==== Given records ====

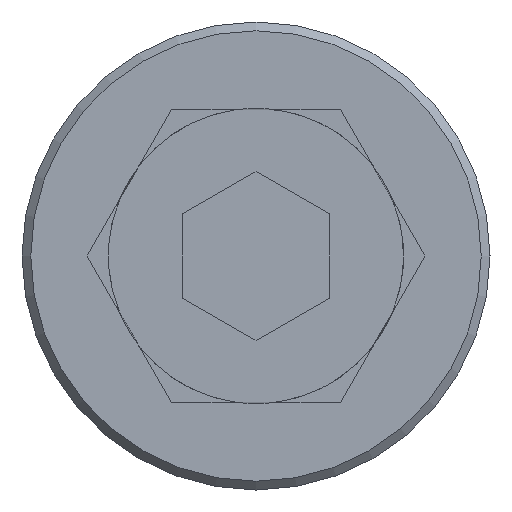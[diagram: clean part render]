
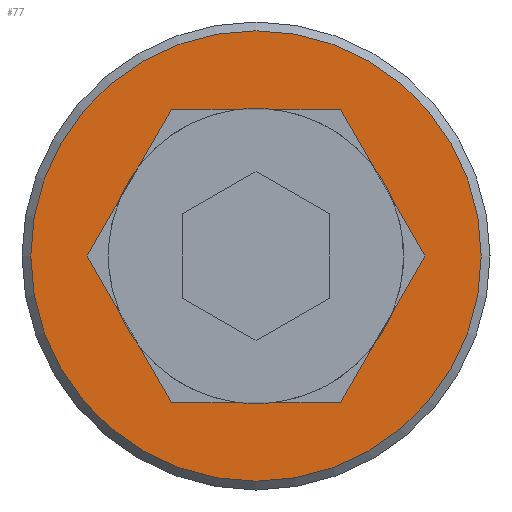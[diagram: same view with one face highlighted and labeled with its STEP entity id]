
A CAD part, left-side view. The second image highlights one B-rep face of the part: STEP entity #77.
In plain terms, the highlighted planar face has unit normal (-1, 0, 0).
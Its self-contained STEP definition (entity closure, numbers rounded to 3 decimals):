
#77 = ADVANCED_FACE( '', ( #182, #183 ), #184, .F. );
#182 = FACE_OUTER_BOUND( '', #329, .T. );
#183 = FACE_BOUND( '', #330, .T. );
#184 = PLANE( '', #331 );
#329 = EDGE_LOOP( '', ( #498 ) );
#330 = EDGE_LOOP( '', ( #499, #500, #501, #502, #503, #504, #505, #506, #507, #508, #509, #510, #511, #512, #513, #514, #515, #516 ) );
#331 = AXIS2_PLACEMENT_3D( '', #517, #518, #519 );
#498 = ORIENTED_EDGE( '', *, *, #816, .F. );
#499 = ORIENTED_EDGE( '', *, *, #817, .T. );
#500 = ORIENTED_EDGE( '', *, *, #818, .T. );
#501 = ORIENTED_EDGE( '', *, *, #819, .T. );
#502 = ORIENTED_EDGE( '', *, *, #820, .T. );
#503 = ORIENTED_EDGE( '', *, *, #821, .T. );
#504 = ORIENTED_EDGE( '', *, *, #822, .T. );
#505 = ORIENTED_EDGE( '', *, *, #823, .T. );
#506 = ORIENTED_EDGE( '', *, *, #799, .T. );
#507 = ORIENTED_EDGE( '', *, *, #824, .T. );
#508 = ORIENTED_EDGE( '', *, *, #825, .T. );
#509 = ORIENTED_EDGE( '', *, *, #826, .T. );
#510 = ORIENTED_EDGE( '', *, *, #827, .T. );
#511 = ORIENTED_EDGE( '', *, *, #828, .T. );
#512 = ORIENTED_EDGE( '', *, *, #829, .T. );
#513 = ORIENTED_EDGE( '', *, *, #830, .T. );
#514 = ORIENTED_EDGE( '', *, *, #831, .T. );
#515 = ORIENTED_EDGE( '', *, *, #832, .T. );
#516 = ORIENTED_EDGE( '', *, *, #833, .T. );
#517 = CARTESIAN_POINT( '', ( 0., 0., 0. ) );
#518 = DIRECTION( '', ( 1., 0., 0. ) );
#519 = DIRECTION( '', ( 0., 0., -1. ) );
#799 = EDGE_CURVE( '', #934, #935, #936, .T. );
#816 = EDGE_CURVE( '', #963, #963, #964, .T. );
#817 = EDGE_CURVE( '', #965, #966, #967, .T. );
#818 = EDGE_CURVE( '', #966, #968, #969, .T. );
#819 = EDGE_CURVE( '', #968, #970, #971, .T. );
#820 = EDGE_CURVE( '', #970, #972, #973, .T. );
#821 = EDGE_CURVE( '', #972, #974, #975, .T. );
#822 = EDGE_CURVE( '', #974, #976, #977, .T. );
#823 = EDGE_CURVE( '', #976, #934, #978, .T. );
#824 = EDGE_CURVE( '', #935, #979, #980, .T. );
#825 = EDGE_CURVE( '', #979, #981, #982, .T. );
#826 = EDGE_CURVE( '', #981, #983, #984, .T. );
#827 = EDGE_CURVE( '', #983, #985, #986, .T. );
#828 = EDGE_CURVE( '', #985, #987, #988, .T. );
#829 = EDGE_CURVE( '', #987, #989, #990, .T. );
#830 = EDGE_CURVE( '', #989, #991, #992, .T. );
#831 = EDGE_CURVE( '', #991, #993, #994, .T. );
#832 = EDGE_CURVE( '', #993, #995, #996, .T. );
#833 = EDGE_CURVE( '', #995, #965, #997, .T. );
#934 = VERTEX_POINT( '', #1130 );
#935 = VERTEX_POINT( '', #1131 );
#936 = LINE( '', #1132, #1133 );
#963 = VERTEX_POINT( '', #1170 );
#964 = CIRCLE( '', #1171, 7.7 );
#965 = VERTEX_POINT( '', #1172 );
#966 = VERTEX_POINT( '', #1173 );
#967 = CIRCLE( '', #1174, 5.05 );
#968 = VERTEX_POINT( '', #1175 );
#969 = LINE( '', #1176, #1177 );
#970 = VERTEX_POINT( '', #1178 );
#971 = LINE( '', #1179, #1180 );
#972 = VERTEX_POINT( '', #1181 );
#973 = CIRCLE( '', #1182, 5.05 );
#974 = VERTEX_POINT( '', #1183 );
#975 = LINE( '', #1184, #1185 );
#976 = VERTEX_POINT( '', #1186 );
#977 = LINE( '', #1187, #1188 );
#978 = CIRCLE( '', #1189, 5.05 );
#979 = VERTEX_POINT( '', #1190 );
#980 = LINE( '', #1191, #1192 );
#981 = VERTEX_POINT( '', #1193 );
#982 = CIRCLE( '', #1194, 5.05 );
#983 = VERTEX_POINT( '', #1195 );
#984 = LINE( '', #1196, #1197 );
#985 = VERTEX_POINT( '', #1198 );
#986 = LINE( '', #1199, #1200 );
#987 = VERTEX_POINT( '', #1201 );
#988 = CIRCLE( '', #1202, 5.05 );
#989 = VERTEX_POINT( '', #1203 );
#990 = LINE( '', #1204, #1205 );
#991 = VERTEX_POINT( '', #1206 );
#992 = LINE( '', #1207, #1208 );
#993 = VERTEX_POINT( '', #1209 );
#994 = CIRCLE( '', #1210, 5.05 );
#995 = VERTEX_POINT( '', #1211 );
#996 = LINE( '', #1212, #1213 );
#997 = LINE( '', #1214, #1215 );
#1130 = CARTESIAN_POINT( '', ( 0., 4.685, -1.886 ) );
#1131 = CARTESIAN_POINT( '', ( 0., 5.774, 0. ) );
#1132 = CARTESIAN_POINT( '', ( 0., 2.887, -5. ) );
#1133 = VECTOR( '', #1363, 1000. );
#1170 = CARTESIAN_POINT( '', ( 0., 0., -7.7 ) );
#1171 = AXIS2_PLACEMENT_3D( '', #1380, #1381, #1382 );
#1172 = CARTESIAN_POINT( '', ( 0., -4.685, -1.886 ) );
#1173 = CARTESIAN_POINT( '', ( 0., -3.976, -3.114 ) );
#1174 = AXIS2_PLACEMENT_3D( '', #1383, #1384, #1385 );
#1175 = CARTESIAN_POINT( '', ( 0., -2.887, -5. ) );
#1176 = CARTESIAN_POINT( '', ( 0., -5.774, 0. ) );
#1177 = VECTOR( '', #1386, 1000. );
#1178 = CARTESIAN_POINT( '', ( 0., -0.709, -5. ) );
#1179 = CARTESIAN_POINT( '', ( 0., -2.887, -5. ) );
#1180 = VECTOR( '', #1387, 1000. );
#1181 = CARTESIAN_POINT( '', ( 0., 0.709, -5. ) );
#1182 = AXIS2_PLACEMENT_3D( '', #1388, #1389, #1390 );
#1183 = CARTESIAN_POINT( '', ( 0., 2.887, -5. ) );
#1184 = CARTESIAN_POINT( '', ( 0., -2.887, -5. ) );
#1185 = VECTOR( '', #1391, 1000. );
#1186 = CARTESIAN_POINT( '', ( 0., 3.976, -3.114 ) );
#1187 = CARTESIAN_POINT( '', ( 0., 2.887, -5. ) );
#1188 = VECTOR( '', #1392, 1000. );
#1189 = AXIS2_PLACEMENT_3D( '', #1393, #1394, #1395 );
#1190 = CARTESIAN_POINT( '', ( 0., 4.685, 1.886 ) );
#1191 = CARTESIAN_POINT( '', ( 0., 5.774, 0. ) );
#1192 = VECTOR( '', #1396, 1000. );
#1193 = CARTESIAN_POINT( '', ( 0., 3.976, 3.114 ) );
#1194 = AXIS2_PLACEMENT_3D( '', #1397, #1398, #1399 );
#1195 = CARTESIAN_POINT( '', ( 0., 2.887, 5. ) );
#1196 = CARTESIAN_POINT( '', ( 0., 5.774, 0. ) );
#1197 = VECTOR( '', #1400, 1000. );
#1198 = CARTESIAN_POINT( '', ( 0., 0.709, 5. ) );
#1199 = CARTESIAN_POINT( '', ( 0., 2.887, 5. ) );
#1200 = VECTOR( '', #1401, 1000. );
#1201 = CARTESIAN_POINT( '', ( 0., -0.709, 5. ) );
#1202 = AXIS2_PLACEMENT_3D( '', #1402, #1403, #1404 );
#1203 = CARTESIAN_POINT( '', ( 0., -2.887, 5. ) );
#1204 = CARTESIAN_POINT( '', ( 0., 2.887, 5. ) );
#1205 = VECTOR( '', #1405, 1000. );
#1206 = CARTESIAN_POINT( '', ( 0., -3.976, 3.114 ) );
#1207 = CARTESIAN_POINT( '', ( 0., -2.887, 5. ) );
#1208 = VECTOR( '', #1406, 1000. );
#1209 = CARTESIAN_POINT( '', ( 0., -4.685, 1.886 ) );
#1210 = AXIS2_PLACEMENT_3D( '', #1407, #1408, #1409 );
#1211 = CARTESIAN_POINT( '', ( 0., -5.774, 0. ) );
#1212 = CARTESIAN_POINT( '', ( 0., -2.887, 5. ) );
#1213 = VECTOR( '', #1410, 1000. );
#1214 = CARTESIAN_POINT( '', ( 0., -5.774, 0. ) );
#1215 = VECTOR( '', #1411, 1000. );
#1363 = DIRECTION( '', ( 0., 0.5, 0.866 ) );
#1380 = CARTESIAN_POINT( '', ( 0., 0., 0. ) );
#1381 = DIRECTION( '', ( 1., 0., 0. ) );
#1382 = DIRECTION( '', ( 0., 0., -1. ) );
#1383 = CARTESIAN_POINT( '', ( 0., 0., 0. ) );
#1384 = DIRECTION( '', ( 1., 0., 0. ) );
#1385 = DIRECTION( '', ( 0., 0., -1. ) );
#1386 = DIRECTION( '', ( 0., 0.5, -0.866 ) );
#1387 = DIRECTION( '', ( 0., 1., 0. ) );
#1388 = CARTESIAN_POINT( '', ( 0., 0., 0. ) );
#1389 = DIRECTION( '', ( 1., 0., 0. ) );
#1390 = DIRECTION( '', ( 0., 0., -1. ) );
#1391 = DIRECTION( '', ( 0., 1., 0. ) );
#1392 = DIRECTION( '', ( 0., 0.5, 0.866 ) );
#1393 = CARTESIAN_POINT( '', ( 0., 0., 0. ) );
#1394 = DIRECTION( '', ( 1., 0., 0. ) );
#1395 = DIRECTION( '', ( 0., 0., -1. ) );
#1396 = DIRECTION( '', ( 0., -0.5, 0.866 ) );
#1397 = CARTESIAN_POINT( '', ( 0., 0., 0. ) );
#1398 = DIRECTION( '', ( 1., 0., 0. ) );
#1399 = DIRECTION( '', ( 0., 0., -1. ) );
#1400 = DIRECTION( '', ( 0., -0.5, 0.866 ) );
#1401 = DIRECTION( '', ( 0., -1., 0. ) );
#1402 = CARTESIAN_POINT( '', ( 0., 0., 0. ) );
#1403 = DIRECTION( '', ( 1., 0., 0. ) );
#1404 = DIRECTION( '', ( 0., 0., -1. ) );
#1405 = DIRECTION( '', ( 0., -1., 0. ) );
#1406 = DIRECTION( '', ( 0., -0.5, -0.866 ) );
#1407 = CARTESIAN_POINT( '', ( 0., 0., 0. ) );
#1408 = DIRECTION( '', ( 1., 0., 0. ) );
#1409 = DIRECTION( '', ( 0., 0., -1. ) );
#1410 = DIRECTION( '', ( 0., -0.5, -0.866 ) );
#1411 = DIRECTION( '', ( 0., 0.5, -0.866 ) );
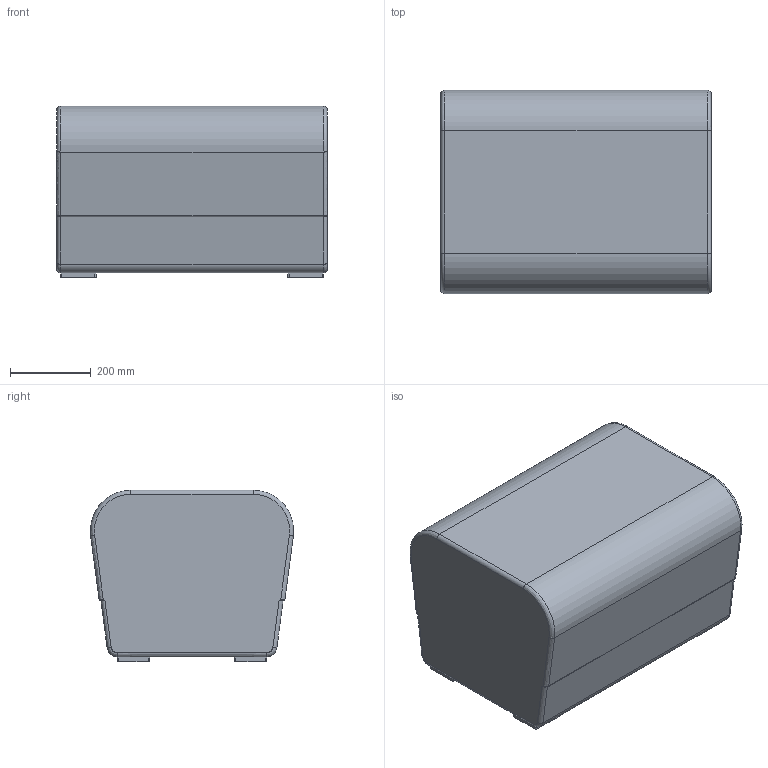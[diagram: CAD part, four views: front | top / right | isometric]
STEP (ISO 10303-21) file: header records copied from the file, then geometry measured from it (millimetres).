
FILE_DESCRIPTION(/* description */ (''),/* implementation_level */ '2;1');
FILE_NAME(/* name */ 'OP55AE~1',/* time_stamp */ '2015-09-28T21:35:13+02:00',/* author */ (''),/* organization */ (''),/* preprocessor_version */ 'ST-DEVELOPER v15',/* originating_system */ '',/* authorisation */ '');
FILE_SCHEMA (('AUTOMOTIVE_DESIGN'));
Length unit declared in the file: millimetre
Products named in the file (1): Document
Bounding box: 670 x 502.5 x 424 mm (x, y, z)
Volume: 337549.2 mm3; surface area: 1541225.8 mm2
Topology: 4 solids, 8 shells, 78 faces, 211 edges, 145 vertices
Faces by surface type: bspline 65, plane 13
Entity records: 2718 total; most frequent: CARTESIAN_POINT 1570, ORIENTED_EDGE 360, EDGE_CURVE 210, VERTEX_POINT 144, ADVANCED_FACE 78, FACE_OUTER_BOUND 78, EDGE_LOOP 78, B_SPLINE_CURVE_WITH_KNOTS 23

====

Required work ▸ Excluding the pictures, retype the line containing "#1406 = DIRECTION( '', ( 0., -0.5, -0.866" and all lines after it down to the end of the data above.

Answer box ▸
#1406 = DIRECTION( '', ( 0., -0.5, -0.866 ) );
#1407 = CARTESIAN_POINT( '', ( 0., 0., 0. ) );
#1408 = DIRECTION( '', ( 1., 0., 0. ) );
#1409 = DIRECTION( '', ( 0., 0., -1. ) );
#1410 = DIRECTION( '', ( 0., -0.5, -0.866 ) );
#1411 = DIRECTION( '', ( 0., 0.5, -0.866 ) );
[diagram: CAD part, four views: front | top / right | isometric]
STEP (ISO 10303-21) file: header records copied from the file, then geometry measured from it (millimetres).
FILE_DESCRIPTION(/* description */ (''),/* implementation_level */ '2;1');
FILE_NAME(/* name */ 'OP55AE~1',/* time_stamp */ '2015-09-28T21:35:13+02:00',/* author */ (''),/* organization */ (''),/* preprocessor_version */ 'ST-DEVELOPER v15',/* originating_system */ '',/* authorisation */ '');
FILE_SCHEMA (('AUTOMOTIVE_DESIGN'));
Length unit declared in the file: millimetre
Products named in the file (1): Document
Bounding box: 670 x 502.5 x 424 mm (x, y, z)
Volume: 337549.2 mm3; surface area: 1541225.8 mm2
Topology: 4 solids, 8 shells, 78 faces, 211 edges, 145 vertices
Faces by surface type: bspline 65, plane 13
Entity records: 2718 total; most frequent: CARTESIAN_POINT 1570, ORIENTED_EDGE 360, EDGE_CURVE 210, VERTEX_POINT 144, ADVANCED_FACE 78, FACE_OUTER_BOUND 78, EDGE_LOOP 78, B_SPLINE_CURVE_WITH_KNOTS 23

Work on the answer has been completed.